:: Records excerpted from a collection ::

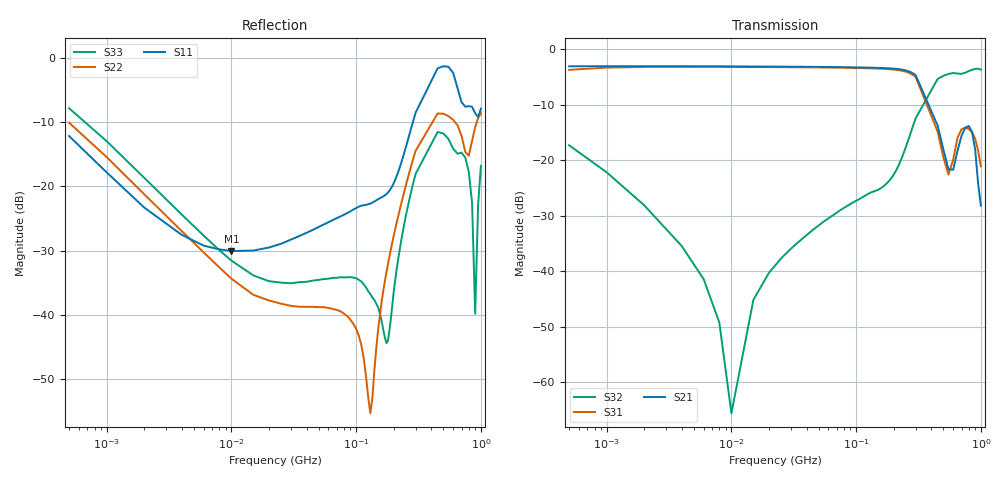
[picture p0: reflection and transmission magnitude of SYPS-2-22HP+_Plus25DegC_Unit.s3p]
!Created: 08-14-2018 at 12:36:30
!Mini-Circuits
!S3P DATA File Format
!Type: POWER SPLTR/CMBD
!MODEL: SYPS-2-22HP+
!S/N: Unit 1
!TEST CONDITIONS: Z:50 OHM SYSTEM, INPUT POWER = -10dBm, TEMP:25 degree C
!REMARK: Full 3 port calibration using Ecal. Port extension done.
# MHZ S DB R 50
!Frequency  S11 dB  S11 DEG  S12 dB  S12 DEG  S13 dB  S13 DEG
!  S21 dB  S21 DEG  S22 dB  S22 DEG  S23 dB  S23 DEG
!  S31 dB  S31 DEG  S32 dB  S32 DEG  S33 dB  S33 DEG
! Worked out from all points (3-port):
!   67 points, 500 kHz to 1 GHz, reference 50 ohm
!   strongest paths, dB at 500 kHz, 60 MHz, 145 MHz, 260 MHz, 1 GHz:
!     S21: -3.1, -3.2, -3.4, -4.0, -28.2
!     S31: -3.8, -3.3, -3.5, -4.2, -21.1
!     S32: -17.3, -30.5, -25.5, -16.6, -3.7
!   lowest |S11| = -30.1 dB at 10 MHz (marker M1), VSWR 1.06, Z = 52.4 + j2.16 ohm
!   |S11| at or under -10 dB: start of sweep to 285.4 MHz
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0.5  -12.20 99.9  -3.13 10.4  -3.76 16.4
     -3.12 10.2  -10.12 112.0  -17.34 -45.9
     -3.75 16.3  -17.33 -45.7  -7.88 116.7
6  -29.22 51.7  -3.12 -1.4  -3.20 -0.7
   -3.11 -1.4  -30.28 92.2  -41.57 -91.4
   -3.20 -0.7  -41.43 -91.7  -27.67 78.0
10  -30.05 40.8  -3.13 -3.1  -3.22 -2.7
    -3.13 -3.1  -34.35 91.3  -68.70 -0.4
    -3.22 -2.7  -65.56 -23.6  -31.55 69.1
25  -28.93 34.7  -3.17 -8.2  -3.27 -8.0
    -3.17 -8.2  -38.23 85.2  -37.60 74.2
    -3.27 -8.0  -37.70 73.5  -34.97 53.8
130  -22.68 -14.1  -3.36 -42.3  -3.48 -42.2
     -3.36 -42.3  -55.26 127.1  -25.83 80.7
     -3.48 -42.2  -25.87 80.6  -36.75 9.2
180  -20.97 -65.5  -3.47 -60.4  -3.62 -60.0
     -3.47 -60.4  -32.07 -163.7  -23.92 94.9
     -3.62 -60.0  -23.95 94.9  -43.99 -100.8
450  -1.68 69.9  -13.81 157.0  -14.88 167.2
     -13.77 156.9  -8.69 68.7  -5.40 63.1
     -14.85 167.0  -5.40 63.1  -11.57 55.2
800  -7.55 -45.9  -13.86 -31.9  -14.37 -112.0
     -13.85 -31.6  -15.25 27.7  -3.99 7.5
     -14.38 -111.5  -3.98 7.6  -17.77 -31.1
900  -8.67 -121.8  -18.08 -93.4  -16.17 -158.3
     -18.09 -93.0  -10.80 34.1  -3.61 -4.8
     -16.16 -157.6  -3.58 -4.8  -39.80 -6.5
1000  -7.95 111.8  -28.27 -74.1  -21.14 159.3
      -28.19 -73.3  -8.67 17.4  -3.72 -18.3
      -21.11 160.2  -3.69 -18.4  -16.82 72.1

:: PROBLEM ::
Retype the records in full. Do not carry over the images.

:: TASK RESPONSE ::
[picture p0: reflection and transmission magnitude of SYPS-2-22HP+_Plus25DegC_Unit.s3p]
!Created: 08-14-2018 at 12:36:30
!Mini-Circuits
!S3P DATA File Format
!Type: POWER SPLTR/CMBD
!MODEL: SYPS-2-22HP+
!S/N: Unit 1
!TEST CONDITIONS: Z:50 OHM SYSTEM, INPUT POWER = -10dBm, TEMP:25 degree C
!REMARK: Full 3 port calibration using Ecal. Port extension done.
# MHZ S DB R 50
!Frequency  S11 dB  S11 DEG  S12 dB  S12 DEG  S13 dB  S13 DEG
!  S21 dB  S21 DEG  S22 dB  S22 DEG  S23 dB  S23 DEG
!  S31 dB  S31 DEG  S32 dB  S32 DEG  S33 dB  S33 DEG
! Worked out from all points (3-port):
!   67 points, 500 kHz to 1 GHz, reference 50 ohm
!   strongest paths, dB at 500 kHz, 60 MHz, 145 MHz, 260 MHz, 1 GHz:
!     S21: -3.1, -3.2, -3.4, -4.0, -28.2
!     S31: -3.8, -3.3, -3.5, -4.2, -21.1
!     S32: -17.3, -30.5, -25.5, -16.6, -3.7
!   lowest |S11| = -30.1 dB at 10 MHz (marker M1), VSWR 1.06, Z = 52.4 + j2.16 ohm
!   |S11| at or under -10 dB: start of sweep to 285.4 MHz
0.5  -12.20 99.9  -3.13 10.4  -3.76 16.4
     -3.12 10.2  -10.12 112.0  -17.34 -45.9
     -3.75 16.3  -17.33 -45.7  -7.88 116.7
6  -29.22 51.7  -3.12 -1.4  -3.20 -0.7
   -3.11 -1.4  -30.28 92.2  -41.57 -91.4
   -3.20 -0.7  -41.43 -91.7  -27.67 78.0
10  -30.05 40.8  -3.13 -3.1  -3.22 -2.7
    -3.13 -3.1  -34.35 91.3  -68.70 -0.4
    -3.22 -2.7  -65.56 -23.6  -31.55 69.1
25  -28.93 34.7  -3.17 -8.2  -3.27 -8.0
    -3.17 -8.2  -38.23 85.2  -37.60 74.2
    -3.27 -8.0  -37.70 73.5  -34.97 53.8
130  -22.68 -14.1  -3.36 -42.3  -3.48 -42.2
     -3.36 -42.3  -55.26 127.1  -25.83 80.7
     -3.48 -42.2  -25.87 80.6  -36.75 9.2
180  -20.97 -65.5  -3.47 -60.4  -3.62 -60.0
     -3.47 -60.4  -32.07 -163.7  -23.92 94.9
     -3.62 -60.0  -23.95 94.9  -43.99 -100.8
450  -1.68 69.9  -13.81 157.0  -14.88 167.2
     -13.77 156.9  -8.69 68.7  -5.40 63.1
     -14.85 167.0  -5.40 63.1  -11.57 55.2
800  -7.55 -45.9  -13.86 -31.9  -14.37 -112.0
     -13.85 -31.6  -15.25 27.7  -3.99 7.5
     -14.38 -111.5  -3.98 7.6  -17.77 -31.1
900  -8.67 -121.8  -18.08 -93.4  -16.17 -158.3
     -18.09 -93.0  -10.80 34.1  -3.61 -4.8
     -16.16 -157.6  -3.58 -4.8  -39.80 -6.5
1000  -7.95 111.8  -28.27 -74.1  -21.14 159.3
      -28.19 -73.3  -8.67 17.4  -3.72 -18.3
      -21.11 160.2  -3.69 -18.4  -16.82 72.1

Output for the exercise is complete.